# AIM OF THE TASK:
Please give every record below again exactly, and keep the pictures out.

# STUDY MATERIAL:
|---|
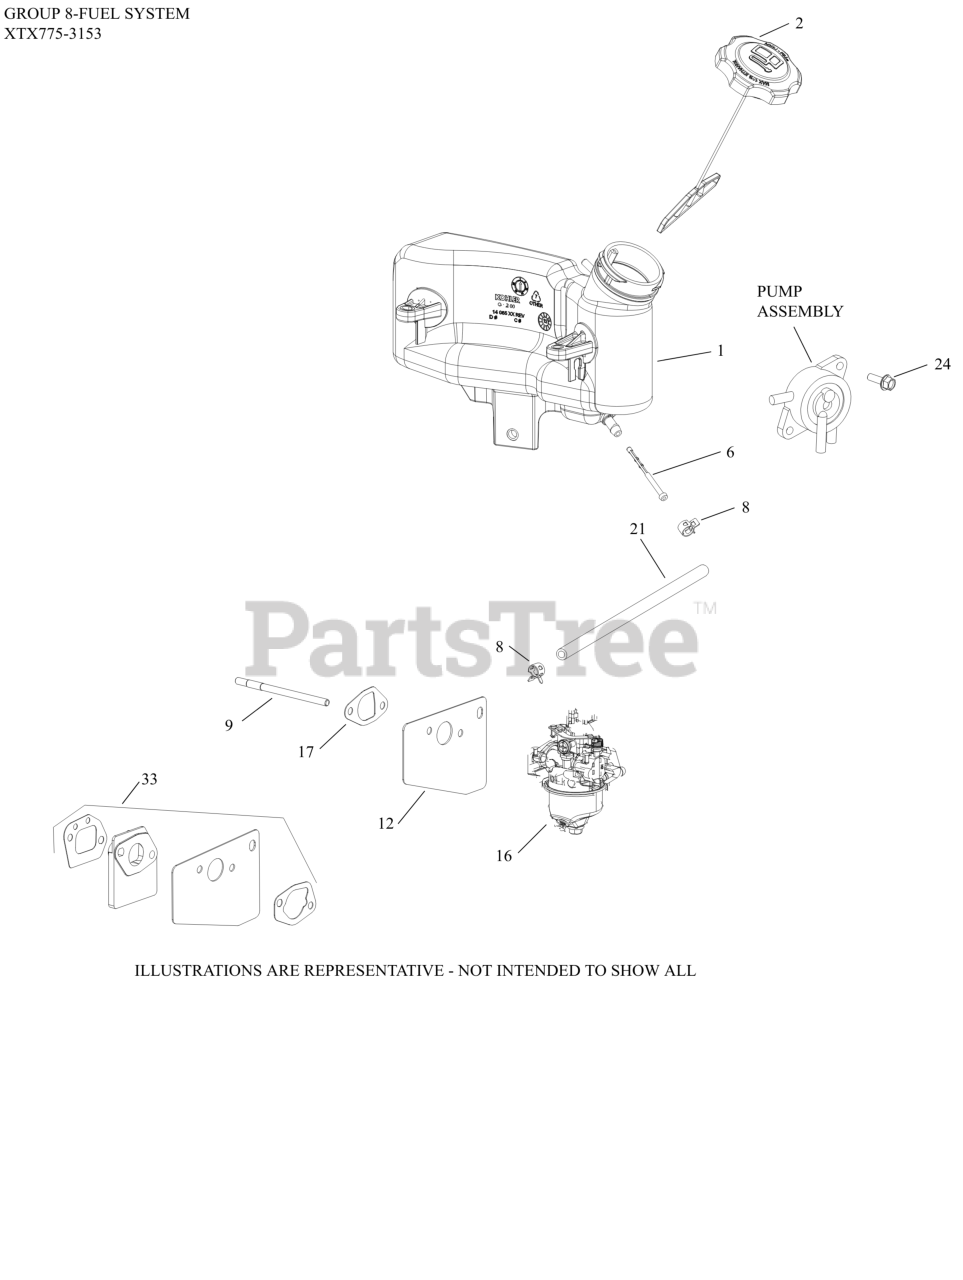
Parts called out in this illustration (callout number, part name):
1	TANK, FUEL
2	FUEL CAP ASSEMBLY
6	FILTER, FUEL IN-NIPPLE
8	CLAMP, HOSE (NON-CALIF)(#1423710S)
9	STUD, M6X1.0X93.8MM
12	KIT, CARBURETOR HEAT SHIELD GASKET
16	KIT, CARBURETOR 13 MM STD CHOKE
17	KIT, INTAKE GASKET
21	HOSE, FUEL LOW-PERMEATION
24	SCREW, HEX FLANGE (M6)
33	KIT, CARBURETOR SPACER
NI	KIT, HIGH ALTITUDE - USE 14 755 04-S
NI	KIT, CARBURETOR REPAIR (RUIXING)
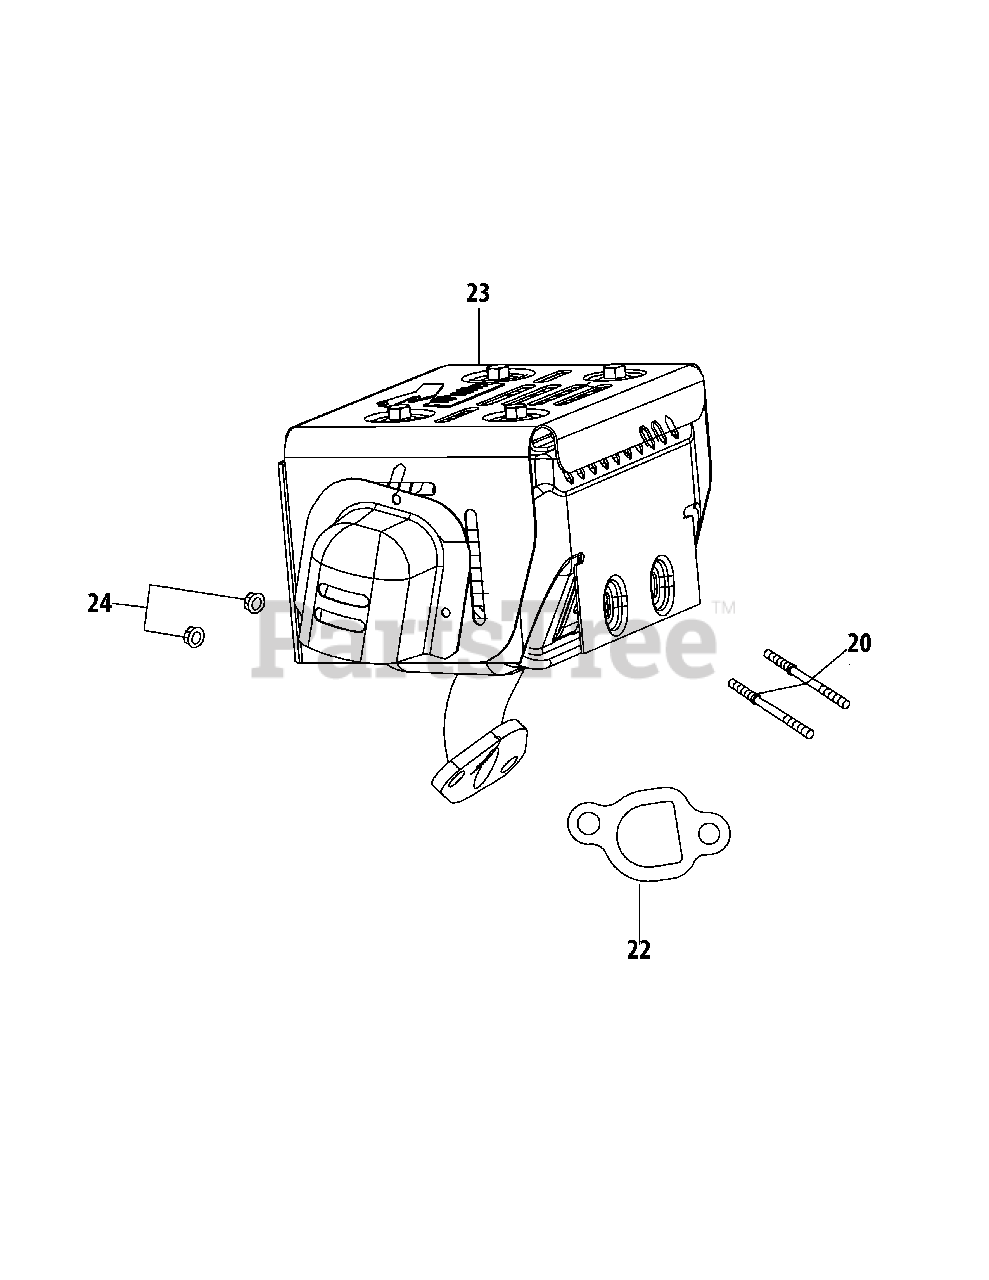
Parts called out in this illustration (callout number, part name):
20	Stud, M8×34, Exhaust
20	Muffler Stud Assembly
22	Muffler Gasket
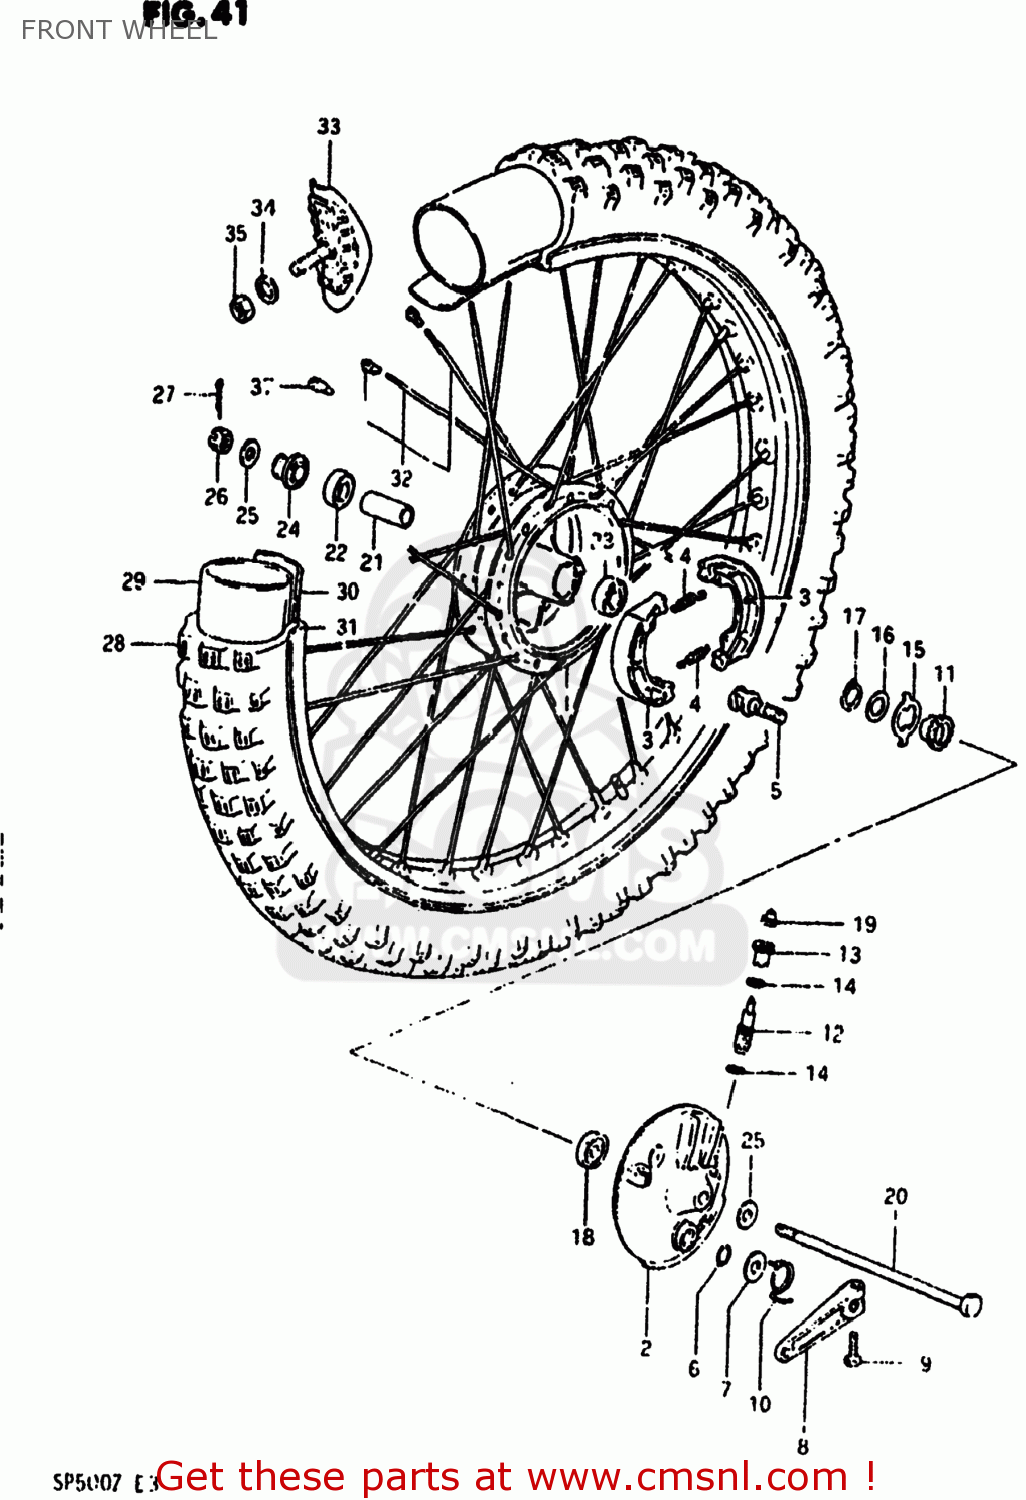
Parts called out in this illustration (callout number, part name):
1	DRUM,FRONT HUB
2	PANEL,FRONT BRAKE
3	SHOE,BRAKE
4	SPRING
5	CAM,FRONT BRAKE
6	O-RING,BOSS
7	WASHER (15X24X1.6)
8	LEVER,FRONT BRAKE CAM
9	BOLT
10	SPRING
11	GEAR,SPEEDOMETER
12	PINION,SPEEDOMETER
13	BUSHING,SPEEDOMETER PINION
14	WASHER (5.1X9X0.4)
15	DRIVER,SPEEDOMETER GEAR
16	WASHER(22.5X27X1)
17	CIRCLIP
18	SEAL,OIL(26X38X4)
19	SEAL,OIL(6X10X3)
20	AXLE,REAR
21	SPACER (12.6X19X52)
22	BEARING, RH
23	BEARING
24	SPACER,FRONT AXLE,RIGHT
25	WASHER
26	NUT, REAR AXLE
27	COTTER PIN
28	TIRE 3.00-21
29	TUBE
30	PROTECTOR,WHEEL,INNER
31	RIM,FRONT WHEEL
32	SPOKE SET,FRONT
33	STOPPER,BEAD
34	WASHER
35	NUT
36	BALANCER,WHEEL (50G)
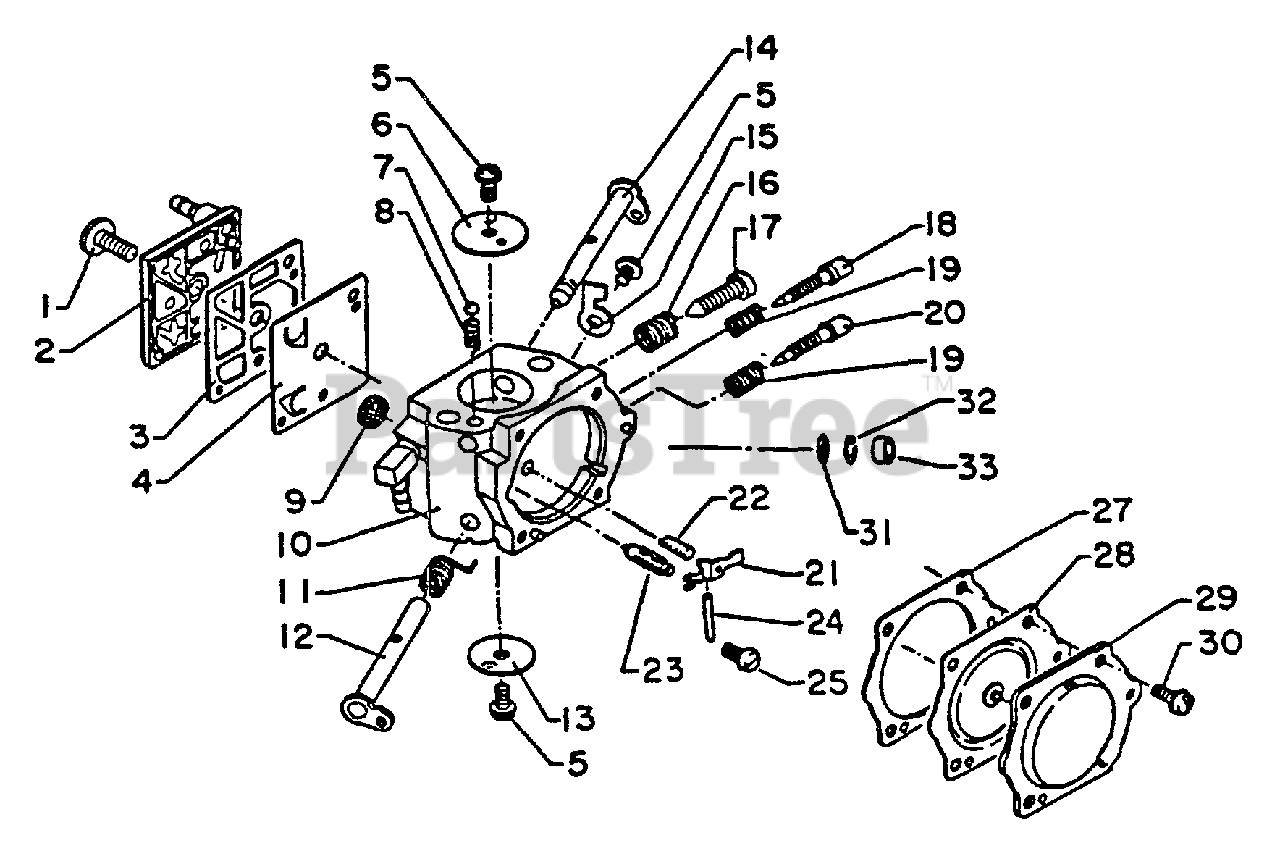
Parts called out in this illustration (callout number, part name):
2	COVER, PUMP
3	GASKET, FUEL PUMP
4	DIAPHRAGM, FUEL PUMP
6	VALVE, THROTTLE
7	BALL, CHOKE FRICTION
9	SCREEN, FUEL INLET
10	BODY, CARBURETOR
11	SPRING, THROTTLE
12	SHAFT, THROTTLE
13	VALVE, THROTTLE
14	SHAFT, CHOKE
15	STOP, THROTTLE
16	SPRING, IDLE ADJUST
17	SCREW, IDLE ADJUST
18	NEEDLE, IDLE
19	SPRING, NEEDLE
20	NEEDLE, HIGH SPEED
21	LEVER
23	VALVE, INLET NEEDLE
24	PIN, METERING LEVER
25	SCREW, METERING LEVER PIN
27	GASKET, METERING DIAPHRAGM
28	DIAPHRAGM, METERING
29	COVER, METERING DIAPHRAGM
31	SCREEN, SPARK ARRESTER
32	RING, RETAINING
33	PLUG, CUP
|---|
# ANSWER SPACE:
Parts called out in this illustration (callout number, part name):
1	TANK, FUEL
2	FUEL CAP ASSEMBLY
6	FILTER, FUEL IN-NIPPLE
8	CLAMP, HOSE (NON-CALIF)(#1423710S)
9	STUD, M6X1.0X93.8MM
12	KIT, CARBURETOR HEAT SHIELD GASKET
16	KIT, CARBURETOR 13 MM STD CHOKE
17	KIT, INTAKE GASKET
21	HOSE, FUEL LOW-PERMEATION
24	SCREW, HEX FLANGE (M6)
33	KIT, CARBURETOR SPACER
NI	KIT, HIGH ALTITUDE - USE 14 755 04-S
NI	KIT, CARBURETOR REPAIR (RUIXING)
Parts called out in this illustration (callout number, part name):
20	Stud, M8×34, Exhaust
20	Muffler Stud Assembly
22	Muffler Gasket
Parts called out in this illustration (callout number, part name):
1	DRUM,FRONT HUB
2	PANEL,FRONT BRAKE
3	SHOE,BRAKE
4	SPRING
5	CAM,FRONT BRAKE
6	O-RING,BOSS
7	WASHER (15X24X1.6)
8	LEVER,FRONT BRAKE CAM
9	BOLT
10	SPRING
11	GEAR,SPEEDOMETER
12	PINION,SPEEDOMETER
13	BUSHING,SPEEDOMETER PINION
14	WASHER (5.1X9X0.4)
15	DRIVER,SPEEDOMETER GEAR
16	WASHER(22.5X27X1)
17	CIRCLIP
18	SEAL,OIL(26X38X4)
19	SEAL,OIL(6X10X3)
20	AXLE,REAR
21	SPACER (12.6X19X52)
22	BEARING, RH
23	BEARING
24	SPACER,FRONT AXLE,RIGHT
25	WASHER
26	NUT, REAR AXLE
27	COTTER PIN
28	TIRE 3.00-21
29	TUBE
30	PROTECTOR,WHEEL,INNER
31	RIM,FRONT WHEEL
32	SPOKE SET,FRONT
33	STOPPER,BEAD
34	WASHER
35	NUT
36	BALANCER,WHEEL (50G)
Parts called out in this illustration (callout number, part name):
2	COVER, PUMP
3	GASKET, FUEL PUMP
4	DIAPHRAGM, FUEL PUMP
6	VALVE, THROTTLE
7	BALL, CHOKE FRICTION
9	SCREEN, FUEL INLET
10	BODY, CARBURETOR
11	SPRING, THROTTLE
12	SHAFT, THROTTLE
13	VALVE, THROTTLE
14	SHAFT, CHOKE
15	STOP, THROTTLE
16	SPRING, IDLE ADJUST
17	SCREW, IDLE ADJUST
18	NEEDLE, IDLE
19	SPRING, NEEDLE
20	NEEDLE, HIGH SPEED
21	LEVER
23	VALVE, INLET NEEDLE
24	PIN, METERING LEVER
25	SCREW, METERING LEVER PIN
27	GASKET, METERING DIAPHRAGM
28	DIAPHRAGM, METERING
29	COVER, METERING DIAPHRAGM
31	SCREEN, SPARK ARRESTER
32	RING, RETAINING
33	PLUG, CUP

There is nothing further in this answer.